Built stock

Providing the foundations for energy in buildings

Radical innovations in the existing building stock are emerging as the cornerstone of future-proof residential and commercial structures. These innovations foster more localized, self-sufficient energy systems and flexible mixed use. These visionary ideas are also reshaping mobility and accelerating the expansion of renewable energy.

New technologies are dramatically improving the energy performance of existing buildings. For instance, the “RENVELOPE—Energy Adaptive Shell” project (https://renvelope.at/) employs prefabricated façade elements that can be installed with minimal disruption and reduce energy consumption by over 80 percent.

AEE Intec
Source: AEE Intec, https://renvelope.at/

Architects, developers, and policymakers are rediscovering the enormous innovation potential that is sleeping in the built stock.

Aiming for a deepened understanding of the built stock

An emerging understanding of the key role of the built environment in transforming our economies and improving individual and collective well-being requires, inter alia, a deepened knowledge of buildings and a deliberate narrative of targeted innovations for the built environment.

Notable examples of these innovative building concepts can be found in the so-called quarters / areals in Switzerland with the urban developments Suurstoffi (https://www.suurstoffi.ch/) and Papieri-Cham (https://www.papieri-cham.ch/).

Clustering the energy system in energy hubs

Buildings can support the infrastructure for the localized, highly integrated energy system, with the key components:

  • Anergy grids
    enable recycling of waste heat recycling and collecting terrestrial (geothermal) energy, thus covering fully heating and cooling services.
  • Local electricity
    from in buildings integrated PV and other renewables enable self-sufficiency up to three-quarters of the electricity demand
  • Thermal building components
    serve as a thermal storage for intermittent energy sources.

With these rediscovered potentials, cities can cut operational energy by 60-80 percent and embodied carbon by 40 percent or more. In addition, the existing building stock becomes more resilient, and fit for a net-zero future.

The EU has about 220 million buildings. Roughly 80 percent of the buildings that will still be standing in 2050 already exist today. Many factors, including climate and energy, motivate renovations of the built stock.

Deep and performance-based renovation

This should become the norm to bring a building as close as possible to the Zero-Emission Building (ZEB) standard. These are supporting actions:

  • Minimum energy performance standards (MEPS)
    ensure that the worst-performing buidings are tackeled first.
  • Phase-out fossil heating
    and deployment of heat pumps and renewable district heating

Whole-life carbon and circularity

Renovations should disclose

  • Whole-life carbon (WLC) impacts
    both embedded in construction materials and energy
  • Reuse of materials
    by design for disassembly

Integrated financing and one-stop shops

To make renovations affordable

  • Targeted financial tools
    combine special grants, loans, guarantees, and tax packages
  • One-stop-shops
    guide owners through the application process and the renovation works.

 

These actions will ensure that by mid-century, Europe’s buildings are not only zero-emission but also affordable and resilient places to live and work.

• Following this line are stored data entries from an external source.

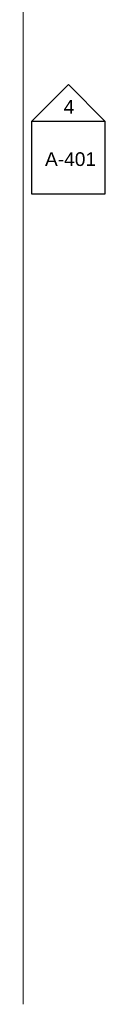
# Model space of a CAD drawing. Header units: inches. Extents: x 19734 to 55197, y -1945 to 10268.
# Tile 4 of 53: x 23086 to 23140, y 429 to 1076. Entities that reach past the tile are written whole.
import ezdxf

# ---------------------------------------------------------------- set-up
doc = ezdxf.new("R2010")
doc.units = ezdxf.units.IN
doc.header["$MEASUREMENT"] = 0
doc.linetypes.add('Dash', pattern=[0.25, 0.125, -0.125])
doc.layers.add('E-NPLT', color=7, linetype='Continuous', lineweight=0, plot=False)
doc.layers.add('E-RSM-ARC', color=7, linetype='Dash', lineweight=15)
doc.layers.add('G-ANNO-SYMB', color=7, linetype='Continuous', lineweight=30)
doc.styles.add('Arial', font='arial.ttf', dxfattribs={"height": 0.125})

# ---------------------------------------------------------------- blocks, each defined once
blk = doc.blocks.new('Elevation - Detail Number-93309-ARCHITECTURAL FLOOR PLAN')
at = {"layer": 'G-ANNO-SYMB'}
for p, q in [((-0.25, -0.25), (-0.25, 0.25)), ((-0.25, 0.25), (0.25, 0.25)), ((0.25, 0.25), (0.25, -0.25)), ((0.25, -0.25), (-0.25, -0.25))]:
    blk.add_line(p, q, dxfattribs=at)
blk = doc.blocks.new('Elevation - Detail Number-93036-ARCHITECTURAL FLOOR PLAN')
at = {"layer": 'G-ANNO-SYMB'}
for p, q in [((0, 0.25), (-0.25, 0)), ((0.25, 0), (0, 0.25)), ((-0.25, 0), (0.25, 0))]:
    blk.add_line(p, q, dxfattribs=at)
blk = doc.blocks.new('ANG M&I Facility_Floor Plan_11142023')
at = {"layer": 'G-ANNO-SYMB', "xscale": 95.99999999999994, "yscale": 95.99999999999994, "zscale": 95.99999999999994}
for name, p in [('Elevation - Detail Number-93036-ARCHITECTURAL FLOOR PLAN', (-2639.734128, 2144.306389)), ('Elevation - Detail Number-93309-ARCHITECTURAL FLOOR PLAN', (-2639.734128, 2120.306389))]:
    blk.add_blockref(name, p, dxfattribs=at)
at = {"layer": 'G-ANNO-SYMB', "char_height": 9, "attachment_point": 1, "style": 'Arial'}
for s, insert, width in [('4', (-2642.844487, 2158.268824), 8.484), ('A-401', (-2655.144433, 2123.859334), 40.905)]:
    blk.add_mtext(s, dxfattribs=dict(at, insert=insert, width=width))

msp = doc.modelspace()

# ---------------------------------------------------------------- linework, layer by layer
at = {"layer": 'E-NPLT'}
msp.add_line((23085.82781, 2052.04759), (23085.82781, 428.98005), dxfattribs=at)

# ---------------------------------------------------------------- next in the draw order: block references
at = {"layer": 'E-RSM-ARC'}
msp.add_blockref('ANG M&I Facility_Floor Plan_11142023', (25755.42041, -1135.16572), dxfattribs=at)

doc.saveas('drawing.dxf')

For planning or life-cycle analysis, 80 years is now the most widely used average lifespan for ordinary European buildings. That reality makes it imperative to future-proof the built environment so it can endure for decades while remaining adaptable, sustainable, resilient, and supportive of social cohesion.

Multifunctional, dynamic, and flexible designs

These are some supporting strategies:

  • Spatial integration
    of living, working, and other activities to curb the need for daily travel.
  • Adjusting to the needs of tenants
    so units can adapt as households grow, shrink, or age in place.
  • Flexibility to changes
    allowing spaces to be reconfigured quickly as uses change.

Buildings as active players in the energy system

Buildings are being discovered as part of the infrastructure of the energy system:

  • Building-integrated photovoltaics (BIPV)
    turn façades and roofs into power plants, unlocking extensive, previously unused surface area for renewable generation.
  • Building-integrated thermal storage
    employs thermal building components (TBC) to store heat and cold, smoothing demand and boosting grid flexibility

Buildings impact lifestyles and economic structure

As integral parts of the energy system’s infrastructure, buildings offer many opportunities:

  • Adaptive reuse
    by turning underutilized malls, offices, or parking garages into housing, which avoids demolition waste and satisfies growing housing demand.
  • Urban design
    largely determines how far and how often people need to travel.
  • Renewable expansion
    by using rooftops and façades make buildings prime real estate for expanding solar and other renewables.
  • Energy sharing
    by linking groups of buildings to share energy boosts resilience and keeps costs down.